5th Gear: A Bleak Look At Mexican Car Safety
This report from the AP on Mexico's safety regulations points out that, depending on the market, manufacturers there push out cars that vary wildly in terms of protection for passengers.
While cars sent to the U.S. or Mexico get airbags and stability control and antilock brakes, if the car is going to Latin America it could have almost none of those things.
Certainly, we like the idea of stripped down cars for certain vehicles and certain people, but in Mexico they just barely have a seat belt requirement, and even that doesn't include three-point shoulder belts for child seats.
Similarly, the basic version of the Chevrolet Aveo, which has been revamped and renamed Sonic, sells for about $14,000 in the U.S. and comes with 10 air bags, antilock brakes and traction control. Its Mexican equivalent, the country's top-selling car, doesn't have those protections and costs $400 less.
The dream of buying cars directly from Mexico isn't a perfect dream.

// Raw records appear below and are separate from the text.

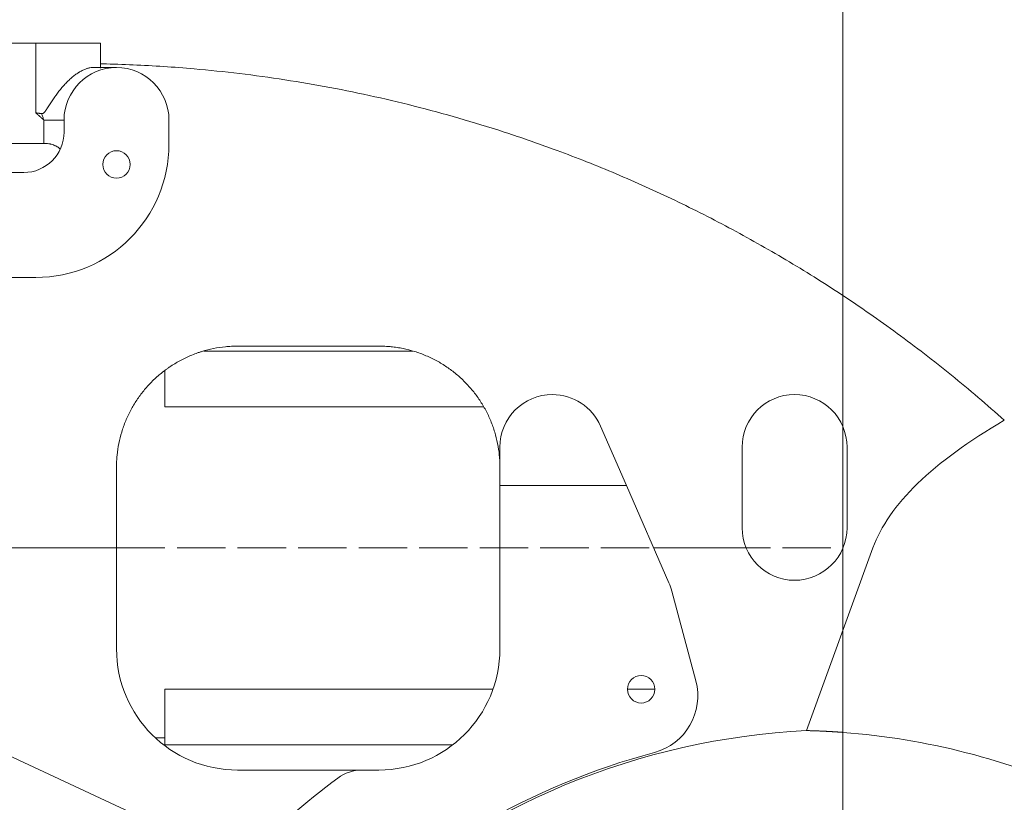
# Model space of a CAD drawing. Header units: millimetres. Extents: x 5437 to 18441, y -4466 to 3128.
# Tile 321 of 497: x 7877 to 8121, y 1558 to 1752. Entities that reach past the tile are written whole.
import ezdxf

# ---------------------------------------------------------------- set-up
doc = ezdxf.new("R2010")
doc.units = ezdxf.units.MM
doc.linetypes.add('ACAD_ISO02W100', pattern=[15, 12, -3])
doc.layers.add('1', color=7, linetype='Continuous', true_color=0xffffff)
doc.styles.add('TXT08', font='txt.shx', dxfattribs={"width": 0.8, "bigfont": 'gbcbig.shx'})
doc.dimstyles.new('YanXiu', dxfattribs={"dimtxt": 40, "dimasz": 30, "dimexe": 0.66, "dimexo": 0.66, "dimgap": 0.66, "dimtad": 0, "dimdec": 1, "dimdsep": 46, "dimtxsty": 'TXT08', "dimcen": 0, "dimclrd": 256, "dimclre": 165, "dimclrt": 90, "dimazin": 2, "dimtfac": 1, "dimtdec": 1, "dimtofl": 0, "dimtmove": 0, "dimatfit": 3, "dimfxl": 1, "dimlwd": 5, "dimlwe": 13, "dimarcsym": 0})

# ---------------------------------------------------------------- blocks, each defined once
blk = doc.blocks.new('*D39')
at = {"lineweight": 5, "transparency": 16777216}
for start, end in [(182.40821, 212.16324), (217.83676, 247.59179)]:
    blk.add_arc((7923.57, 1620.92), 713.81, start, end, dxfattribs=at)
at = {"lineweight": 20, "transparency": 16777216}
for points in [[(7205.4, 1590.82), (7215.39, 1591.03), (7209.76, 1620.92)], [(7653.27, 965.68), (7649.66, 956.35), (7679.44, 950.16)]]:
    blk.add_solid(points, dxfattribs=at)
at = {"layer": 'Defpoints', "color": 0, "lineweight": 20, "transparency": 16777216}
for p in [(7031.12, 1620.92), (8081.12, 1620.92), (7869.69, 1472.88), (7268.14, 1338.2), (7510.57, 486.2)]:
    blk.add_point(p, dxfattribs=at)
at = {"color": 90, "lineweight": 20, "transparency": 16777216, "insert": (7338.86, 1211.5), "char_height": 40, "attachment_point": 5, "rotation": 305, "style": 'TXT08'}
blk.add_mtext('70°', dxfattribs=at)
blk = doc.blocks.new('*D40')
at = {"lineweight": 5, "transparency": 16777216}
for start, end in [(104.3022, 139.9285), (150.0715, 185.6978)]:
    blk.add_arc((9169.33, 707.8), 399.63, start, end, dxfattribs=at)
at = {"lineweight": 20, "transparency": 16777216}
for points in [[(9069.56, 1099.93), (9071.66, 1090.16), (9099.94, 1101.36)], [(8776.63, 668.81), (8766.73, 667.45), (8775.78, 638.41)]]:
    blk.add_solid(points, dxfattribs=at)
at = {"layer": 'Defpoints', "color": 0, "lineweight": 20, "transparency": 16777216}
for p in [(8987, 1741.85), (8912.46, 1013.94), (9169.33, 707.8), (8947.75, 668.73), (8081.12, 515.92)]:
    blk.add_point(p, dxfattribs=at)
at = {"color": 90, "lineweight": 20, "transparency": 16777216, "insert": (8841.98, 937.02), "char_height": 40, "attachment_point": 5, "rotation": 55, "style": 'TXT08'}
blk.add_mtext('90°', dxfattribs=at)
blk = doc.blocks.new('*D45')
at = {"color": 165, "lineweight": 13, "transparency": 16777216}
for p, q in [((8078.88, 2459.34), (10490.55, 2459.34)), ((8614.28, -4.08), (10490.55, -4.08))]:
    blk.add_line(p, q, dxfattribs=at)
at = {"lineweight": 5, "transparency": 16777216}
for p, q in [((10489.89, 2429.34), (10489.89, 1308.29)), ((10489.89, 25.92), (10489.89, 1146.97))]:
    blk.add_line(p, q, dxfattribs=at)
at = {"lineweight": 20, "transparency": 16777216}
for points in [[(10484.89, 2429.34), (10494.89, 2429.34), (10489.89, 2459.34)], [(10484.89, 25.92), (10494.89, 25.92), (10489.89, -4.08)]]:
    blk.add_solid(points, dxfattribs=at)
at = {"layer": 'Defpoints', "color": 0, "lineweight": 20, "transparency": 16777216}
for p in [(8078.22, 2459.34), (10489.89, 2459.34), (8613.62, -4.08)]:
    blk.add_point(p, dxfattribs=at)
at = {"color": 90, "lineweight": 20, "transparency": 16777216, "insert": (10489.89, 1227.63), "char_height": 40, "attachment_point": 5, "rotation": 90, "style": 'TXT08'}
blk.add_mtext('2463.4', dxfattribs=at)
blk = doc.blocks.new('*D47')
at = {"color": 165, "lineweight": 13, "transparency": 16777216}
for p, q in [((7031.12, 1621.58), (7031.12, 1904.91)), ((8081.12, 1396.58), (8081.12, 1904.91))]:
    blk.add_line(p, q, dxfattribs=at)
at = {"lineweight": 5, "transparency": 16777216}
for p, q in [((7061.12, 1904.25), (7507.46, 1904.25)), ((8051.12, 1904.25), (7604.78, 1904.25))]:
    blk.add_line(p, q, dxfattribs=at)
at = {"lineweight": 20, "transparency": 16777216}
for points in [[(7061.12, 1909.25), (7061.12, 1899.25), (7031.12, 1904.25)], [(8051.12, 1909.25), (8051.12, 1899.25), (8081.12, 1904.25)]]:
    blk.add_solid(points, dxfattribs=at)
at = {"layer": 'Defpoints', "color": 0, "lineweight": 20, "transparency": 16777216}
for p in [(8081.12, 1904.25), (7031.12, 1620.92), (8081.12, 1395.92)]:
    blk.add_point(p, dxfattribs=at)
at = {"color": 90, "lineweight": 20, "transparency": 16777216, "insert": (7556.12, 1904.25), "char_height": 40, "attachment_point": 5, "style": 'TXT08'}
blk.add_mtext('1050', dxfattribs=at)
blk = doc.blocks.new('*D51')
at = {"color": 165, "lineweight": 13, "transparency": 16777216}
for p, q in [((7030.46, 1620.92), (6590.35, 1620.92)), ((8077.89, 1395.92), (6590.35, 1395.92))]:
    blk.add_line(p, q, dxfattribs=at)
at = {"lineweight": 5, "transparency": 16777216}
for p, q in [((6591.01, 1590.92), (6591.01, 1551.75)), ((6591.01, 1425.92), (6591.01, 1465.1))]:
    blk.add_line(p, q, dxfattribs=at)
at = {"lineweight": 20, "transparency": 16777216}
for points in [[(6586.01, 1590.92), (6596.01, 1590.92), (6591.01, 1620.92)], [(6586.01, 1425.92), (6596.01, 1425.92), (6591.01, 1395.92)]]:
    blk.add_solid(points, dxfattribs=at)
at = {"layer": 'Defpoints', "color": 0, "lineweight": 20, "transparency": 16777216}
for p in [(6591.01, 1620.92), (7031.12, 1620.92), (8078.55, 1395.92)]:
    blk.add_point(p, dxfattribs=at)
at = {"color": 90, "lineweight": 20, "transparency": 16777216, "insert": (6591.01, 1508.42), "char_height": 40, "attachment_point": 5, "rotation": 90, "style": 'TXT08'}
blk.add_mtext('225', dxfattribs=at)

msp = doc.modelspace()

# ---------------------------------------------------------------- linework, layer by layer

Reverse: Car Bombs Go Way Back
"Dapper Dan" Hogan, a St. Paul, Minnesota saloonkeeper and mob boss, is killed on this day in 1928 when someone plants a car bomb under the floorboards of his new Paige coupe. Doctors worked all day to save him—according to the Morning Tribune, "racketeers, police characters, and business men" queued up at the hospital to donate blood to their ailing friend—but Hogan slipped into a coma and died at around 9 p.m. His murder is still unsolved.
Neutral: Which Automaker Has The Best Strategy? GM? Ford? Chrysler? Toyota? Honda? Subaru, maybe? Who is balancing new models, enthusiast demands, and inventory/profits?